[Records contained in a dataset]
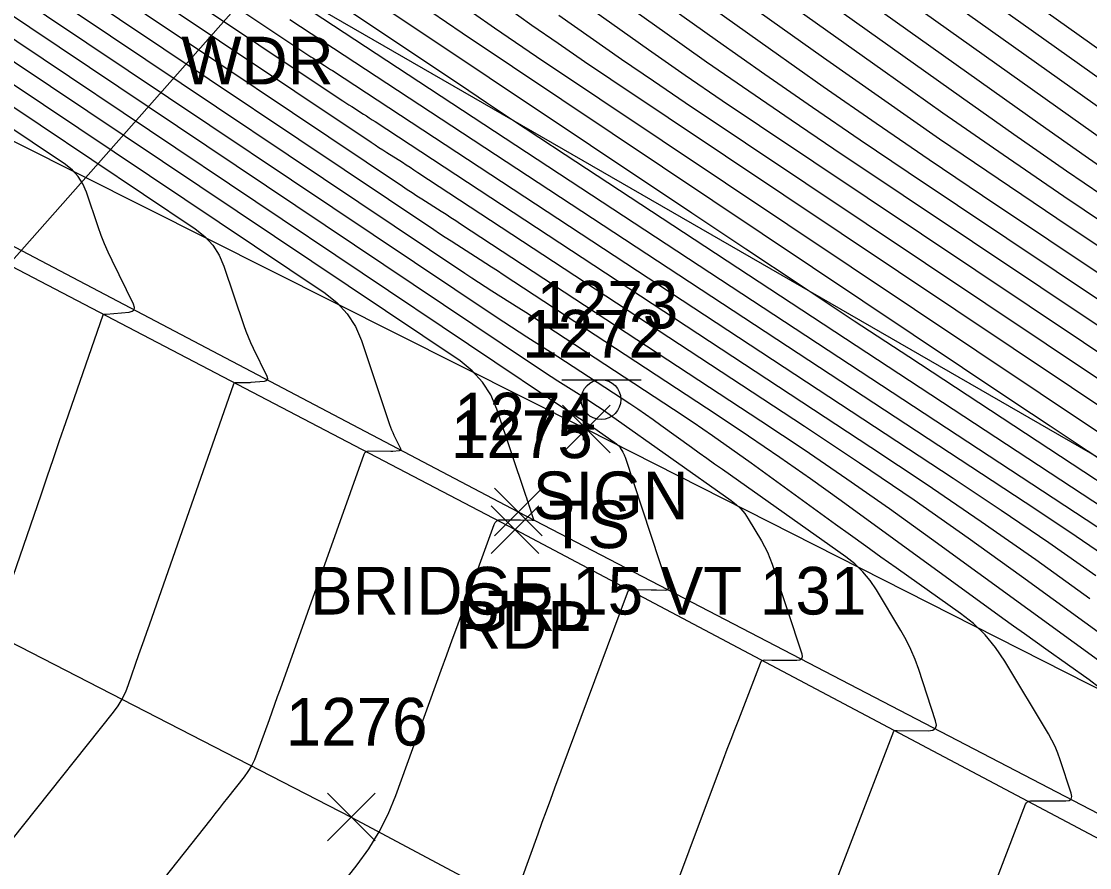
# Model space of a CAD drawing. Extents: x 1650836 to 1652450, y 332578 to 333908.
# Drawn here: x 1652137.1 to 1652181.92, y 332766.98 to 332802.49 of the extents above; entities that cross this region are included whole.
import ezdxf

# ---------------------------------------------------------------- set-up
doc = ezdxf.new("R2010")
doc.units = 0
for name, color, linetype in [('DCP', 7, 'Continuous'), ('L_A', 7, 'Continuous'), ('L_I', 7, 'Continuous'), ('L_TIC', 7, 'Continuous'), ('LAWA', 7, 'Continuous'), ('LELB', 7, 'Continuous'), ('LSOGCMA', 7, 'Continuous'), ('LSOGCMI', 7, 'Continuous'), ('P_A', 7, 'Continuous'), ('P_I', 7, 'Continuous'), ('P_TIC', 7, 'Continuous'), ('PET', 7, 'Continuous'), ('PRC', 7, 'Continuous'), ('R_A', 7, 'Continuous'), ('R_I', 7, 'Continuous'), ('R_TIC', 7, 'Continuous'), ('RGR', 7, 'Continuous'), ('S_A', 7, 'Continuous'), ('S_C', 7, 'Continuous'), ('S_I', 7, 'Continuous'), ('SSGN', 7, 'Continuous')]:
    doc.layers.add(name, color=color, linetype=linetype)

msp = doc.modelspace()

# ---------------------------------------------------------------- linework, layer by layer
at = {"layer": 'DCP'}
msp.add_lwpolyline([(1652097.436, 332748.039), (1652173.064, 332833.561)], dxfattribs=at)
at = {"layer": 'L_TIC'}
for points in [[(1652159.81, 332784.384), (1652161.81, 332786.384)], [(1652161.81, 332784.384), (1652159.81, 332786.384)]]:
    msp.add_lwpolyline(points, dxfattribs=at)
at = {"layer": 'LAWA'}
msp.add_lwpolyline([(1652408.76, 332665.713), (1652363.38, 332695.402), (1652324.46, 332714.991), (1652289.155, 332735.895), (1652253.497, 332747.946), (1652218.614, 332766.122), (1652198.198, 332775.017), (1652146.456, 332804.843), (1652136.841, 332807.592), (1652091.374, 332831.511), (1652057.601, 332848.138), (1652027.653, 332867.625)], dxfattribs=at)
at = {"layer": 'LELB'}
msp.add_lwpolyline([(1652023.441, 332859.649), (1652034.235, 332853.429), (1652052.246, 332842.357), (1652084.686, 332826.36), (1652123.711, 332804.04), (1652160.81, 332785.384), (1652195.281, 332767.897), (1652235.573, 332746.682), (1652255.289, 332735.81), (1652296.57, 332712.591), (1652348.8, 332686.345), (1652380.841, 332668.301), (1652404.073, 332656.539)], dxfattribs=at)
at = {"layer": 'LSOGCMA'}
for points in [[(1652192.271, 332793.06), (1652191.611, 332793.511), (1652190.679, 332794.159), (1652189.751, 332794.813), (1652162.63, 332814.09)], [(1652210.348, 332769.549), (1652210.332, 332769.56), (1652209.691, 332770.012), (1652209.05, 332770.464), (1652208.411, 332770.918), (1652202.726, 332774.956), (1652202.301, 332775.254), (1652201.873, 332775.548), (1652201.442, 332775.838), (1652201.008, 332776.124), (1652199.268, 332777.257), (1652198.833, 332777.541), (1652198.399, 332777.826), (1652197.966, 332778.113), (1652197.534, 332778.401), (1652168.073, 332798.103), (1652166.511, 332799.156), (1652164.957, 332800.22), (1652163.41, 332801.294), (1652161.871, 332802.38), (1652153.245, 332808.511)], [(1652129.2, 332803.974), (1652144.4, 332793.781), (1652144.8, 332793.465), (1652145.134, 332793.098), (1652145.4, 332792.68), (1652145.6, 332792.211), (1652146.436, 332789.728), (1652146.521, 332789.487), (1652146.615, 332789.249), (1652146.716, 332789.014), (1652146.824, 332788.783), (1652147.405, 332787.595), (1652147.433, 332787.509), (1652147.423, 332787.445), (1652147.374, 332787.403), (1652147.286, 332787.382), (1652146.735, 332787.329), (1652146.691, 332787.325), (1652146.646, 332787.323), (1652146.601, 332787.321), (1652146.556, 332787.321), (1652146.093, 332787.326), (1652146.064, 332787.322), (1652146.04, 332787.311), (1652146.021, 332787.292), (1652146.008, 332787.266), (1652142.46, 332777.156), (1652142.35, 332776.844), (1652142.241, 332776.531), (1652142.132, 332776.218), (1652142.023, 332775.905), (1652141.587, 332774.652), (1652141.466, 332774.346), (1652141.321, 332774.053), (1652141.151, 332773.773), (1652140.957, 332773.507), (1652137.194, 332768.775), (1652136.758, 332768.228)], [(1652143.66, 332803.799), (1652150.474, 332799.23), (1652150.595, 332799.149), (1652150.717, 332799.068), (1652150.84, 332798.989), (1652150.963, 332798.91), (1652151.456, 332798.597), (1652151.579, 332798.518), (1652151.702, 332798.439), (1652151.824, 332798.36), (1652151.947, 332798.28), (1652172.746, 332784.625), (1652175.072, 332783.078), (1652177.379, 332781.504), (1652179.667, 332779.903), (1652181.936, 332778.274)]]:
    msp.add_lwpolyline(points, dxfattribs=at)
at = {"layer": 'LSOGCMI'}
for points in [[(1652163.362, 332814.795), (1652192.807, 332793.866)], [(1652191.755, 332792.283), (1652191.471, 332792.472), (1652190.206, 332793.324), (1652188.948, 332794.186), (1652187.696, 332795.056), (1652186.45, 332795.935), (1652161.897, 332813.386)], [(1652161.078, 332812.743), (1652183.149, 332797.056), (1652184.713, 332795.952), (1652186.285, 332794.86), (1652187.865, 332793.779), (1652189.452, 332792.709), (1652191.243, 332791.512)], [(1652160.099, 332812.214), (1652179.848, 332798.177), (1652181.73, 332796.849), (1652183.622, 332795.535), (1652185.524, 332794.234), (1652187.434, 332792.946), (1652190.731, 332790.741)], [(1652211.579, 332775.823), (1652210.221, 332776.757), (1652208.854, 332777.677), (1652207.477, 332778.583), (1652201.697, 332782.345), (1652200.275, 332783.274), (1652198.856, 332784.207), (1652197.439, 332785.145), (1652196.026, 332786.087), (1652185.416, 332793.183), (1652183.182, 332794.688), (1652180.959, 332796.209), (1652178.748, 332797.746), (1652176.547, 332799.299), (1652159.12, 332811.685)], [(1652217.504, 332770.432), (1652211.296, 332774.841), (1652210.067, 332775.704), (1652208.829, 332776.555), (1652207.583, 332777.393), (1652206.329, 332778.219), (1652201.292, 332781.497), (1652200.035, 332782.318), (1652198.779, 332783.144), (1652197.527, 332783.973), (1652196.277, 332784.806), (1652183.397, 332793.42), (1652180.841, 332795.143), (1652178.297, 332796.884), (1652175.765, 332798.643), (1652173.246, 332800.42), (1652158.141, 332811.156)], [(1652217.634, 332769.145), (1652209.582, 332774.864), (1652208.514, 332775.614), (1652207.438, 332776.354), (1652206.355, 332777.082), (1652205.265, 332777.8), (1652200.887, 332780.649), (1652199.794, 332781.363), (1652198.703, 332782.08), (1652197.615, 332782.801), (1652196.528, 332783.525), (1652180.544, 332794.215), (1652178.081, 332795.875), (1652175.63, 332797.552), (1652173.19, 332799.247), (1652170.763, 332800.959), (1652157.161, 332810.627)], [(1652156.182, 332810.098), (1652168.54, 332801.315), (1652170.745, 332799.759), (1652172.961, 332798.219), (1652175.188, 332796.695), (1652177.426, 332795.187), (1652196.78, 332782.244), (1652197.703, 332781.629), (1652198.627, 332781.017), (1652199.554, 332780.407), (1652200.482, 332779.801), (1652204.2, 332777.381), (1652205.127, 332776.771), (1652206.047, 332776.152), (1652206.961, 332775.524), (1652207.868, 332774.887), (1652212.045, 332771.92)], [(1652155.203, 332809.569), (1652166.317, 332801.67), (1652168.3, 332800.271), (1652170.293, 332798.886), (1652172.296, 332797.515), (1652174.309, 332796.159), (1652197.031, 332780.963), (1652197.79, 332780.457), (1652198.551, 332779.953), (1652199.314, 332779.452), (1652200.078, 332778.953), (1652203.136, 332776.962), (1652203.899, 332776.46), (1652204.656, 332775.951), (1652205.407, 332775.434), (1652206.154, 332774.91), (1652211.479, 332771.128)], [(1652210.912, 332770.336), (1652204.44, 332774.933), (1652203.854, 332775.344), (1652203.264, 332775.75), (1652202.67, 332776.149), (1652202.072, 332776.543), (1652199.673, 332778.105), (1652199.073, 332778.496), (1652198.475, 332778.889), (1652197.878, 332779.285), (1652197.282, 332779.682), (1652171.191, 332797.131), (1652169.404, 332798.336), (1652167.625, 332799.553), (1652165.855, 332800.783), (1652164.094, 332802.025), (1652154.224, 332809.04)], [(1652146.574, 332804.702), (1652183.123, 332780.708), (1652184.5, 332779.792), (1652185.867, 332778.859), (1652187.222, 332777.911), (1652188.566, 332776.946), (1652195.288, 332772.06), (1652195.944, 332771.586), (1652196.601, 332771.114), (1652197.261, 332770.646), (1652197.922, 332770.18), (1652200.572, 332768.322), (1652201.234, 332767.856), (1652201.893, 332767.388), (1652202.55, 332766.916), (1652203.206, 332766.441), (1652215.938, 332757.178)], [(1652136.468, 332778.35), (1652137.929, 332782.624), (1652138.188, 332783.382), (1652138.448, 332784.14), (1652138.708, 332784.897), (1652138.969, 332785.655), (1652140.528, 332790.174), (1652140.533, 332790.185), (1652140.541, 332790.192), (1652140.551, 332790.197), (1652140.562, 332790.198), (1652140.614, 332790.198), (1652140.627, 332790.198), (1652140.64, 332790.198), (1652140.653, 332790.199), (1652140.666, 332790.2), (1652141.621, 332790.292), (1652141.755, 332790.324), (1652141.83, 332790.389), (1652141.846, 332790.487), (1652141.804, 332790.618), (1652140.907, 332792.451), (1652140.744, 332792.799), (1652140.592, 332793.151), (1652140.452, 332793.508), (1652140.324, 332793.87), (1652139.833, 332795.327), (1652139.686, 332795.673), (1652139.49, 332795.981), (1652139.244, 332796.251), (1652138.949, 332796.484), (1652127.754, 332803.991)], [(1652130.646, 332803.956), (1652149.851, 332791.078), (1652150.356, 332790.679), (1652150.778, 332790.215), (1652151.115, 332789.687), (1652151.367, 332789.094), (1652152.553, 332785.572), (1652152.593, 332785.459), (1652152.636, 332785.347), (1652152.684, 332785.237), (1652152.735, 332785.129), (1652153.007, 332784.572), (1652153.02, 332784.532), (1652153.015, 332784.502), (1652152.992, 332784.482), (1652152.951, 332784.472), (1652152.693, 332784.447), (1652152.672, 332784.446), (1652152.651, 332784.444), (1652152.63, 332784.444), (1652152.609, 332784.444), (1652151.67, 332784.453), (1652151.602, 332784.445), (1652151.546, 332784.419), (1652151.503, 332784.376), (1652151.472, 332784.315), (1652147.957, 332774.47), (1652147.841, 332774.146), (1652147.725, 332773.823), (1652147.609, 332773.499), (1652147.493, 332773.176), (1652146.986, 332771.768), (1652146.881, 332771.508), (1652146.756, 332771.258), (1652146.611, 332771.02), (1652146.446, 332770.793), (1652145.747, 332769.906), (1652145.572, 332769.684), (1652145.397, 332769.462), (1652145.222, 332769.241), (1652145.047, 332769.019), (1652138.333, 332760.539)], [(1652149.105, 332764.442), (1652151.191, 332767.091), (1652151.684, 332767.769), (1652152.117, 332768.48), (1652152.493, 332769.224), (1652152.809, 332770), (1652154.723, 332775.272), (1652154.952, 332775.903), (1652155.181, 332776.534), (1652155.41, 332777.165), (1652155.639, 332777.796), (1652156.939, 332781.376), (1652156.986, 332781.466), (1652157.05, 332781.53), (1652157.133, 332781.568), (1652157.233, 332781.58), (1652157.739, 332781.575), (1652157.815, 332781.574), (1652157.891, 332781.573), (1652157.968, 332781.572), (1652158.044, 332781.57), (1652158.537, 332781.559), (1652158.561, 332781.558), (1652158.599, 332781.558), (1652158.606, 332781.559), (1652158.61, 332781.562), (1652158.612, 332781.567), (1652158.611, 332781.574), (1652158.412, 332782.178), (1652158.377, 332782.281), (1652158.343, 332782.384), (1652158.309, 332782.487), (1652158.274, 332782.59), (1652157.055, 332786.212), (1652156.797, 332786.817), (1652156.453, 332787.356), (1652156.023, 332787.83), (1652155.507, 332788.238), (1652132.092, 332803.939)], [(1652133.538, 332803.921), (1652160.33, 332785.956), (1652160.387, 332785.918), (1652160.444, 332785.88), (1652160.502, 332785.843), (1652160.56, 332785.806), (1652160.792, 332785.658), (1652160.85, 332785.621), (1652160.907, 332785.583), (1652160.964, 332785.545), (1652161.02, 332785.505), (1652162.076, 332784.759), (1652162.12, 332784.725), (1652162.159, 332784.687), (1652162.195, 332784.645), (1652162.226, 332784.599), (1652162.341, 332784.406), (1652162.368, 332784.357), (1652162.393, 332784.307), (1652162.415, 332784.256), (1652162.434, 332784.203), (1652164.227, 332778.764), (1652164.239, 332778.698), (1652164.225, 332778.651), (1652164.184, 332778.623), (1652164.118, 332778.614), (1652163.755, 332778.616), (1652163.697, 332778.616), (1652163.64, 332778.617), (1652163.582, 332778.618), (1652163.525, 332778.619), (1652162.727, 332778.637), (1652162.657, 332778.63), (1652162.6, 332778.604), (1652162.555, 332778.561), (1652162.523, 332778.499), (1652159.476, 332770.316), (1652159.297, 332769.835), (1652159.119, 332769.353), (1652158.943, 332768.87), (1652158.767, 332768.388), (1652158.066, 332766.457)], [(1652134.984, 332803.904), (1652158.506, 332788.131), (1652158.781, 332787.948), (1652159.057, 332787.767), (1652159.333, 332787.587), (1652159.611, 332787.41), (1652160.725, 332786.702), (1652161.002, 332786.523), (1652161.277, 332786.341), (1652161.55, 332786.156), (1652161.82, 332785.967), (1652166.888, 332782.388), (1652167.098, 332782.223), (1652167.287, 332782.039), (1652167.456, 332781.837), (1652167.604, 332781.615), (1652168.157, 332780.692), (1652168.289, 332780.458), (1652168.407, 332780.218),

# [Task description]
Each line carrying the string "color" should be copied out from the entries.

# [Answer box]
for name, color, linetype in [('DCP', 7, 'Continuous'), ('L_A', 7, 'Continuous'), ('L_I', 7, 'Continuous'), ('L_TIC', 7, 'Continuous'), ('LAWA', 7, 'Continuous'), ('LELB', 7, 'Continuous'), ('LSOGCMA', 7, 'Continuous'), ('LSOGCMI', 7, 'Continuous'), ('P_A', 7, 'Continuous'), ('P_I', 7, 'Continuous'), ('P_TIC', 7, 'Continuous'), ('PET', 7, 'Continuous'), ('PRC', 7, 'Continuous'), ('R_A', 7, 'Continuous'), ('R_I', 7, 'Continuous'), ('R_TIC', 7, 'Continuous'), ('RGR', 7, 'Continuous'), ('S_A', 7, 'Continuous'), ('S_C', 7, 'Continuous'), ('S_I', 7, 'Continuous'), ('SSGN', 7, 'Continuous')]:
    doc.layers.add(name, color=color, linetype=linetype)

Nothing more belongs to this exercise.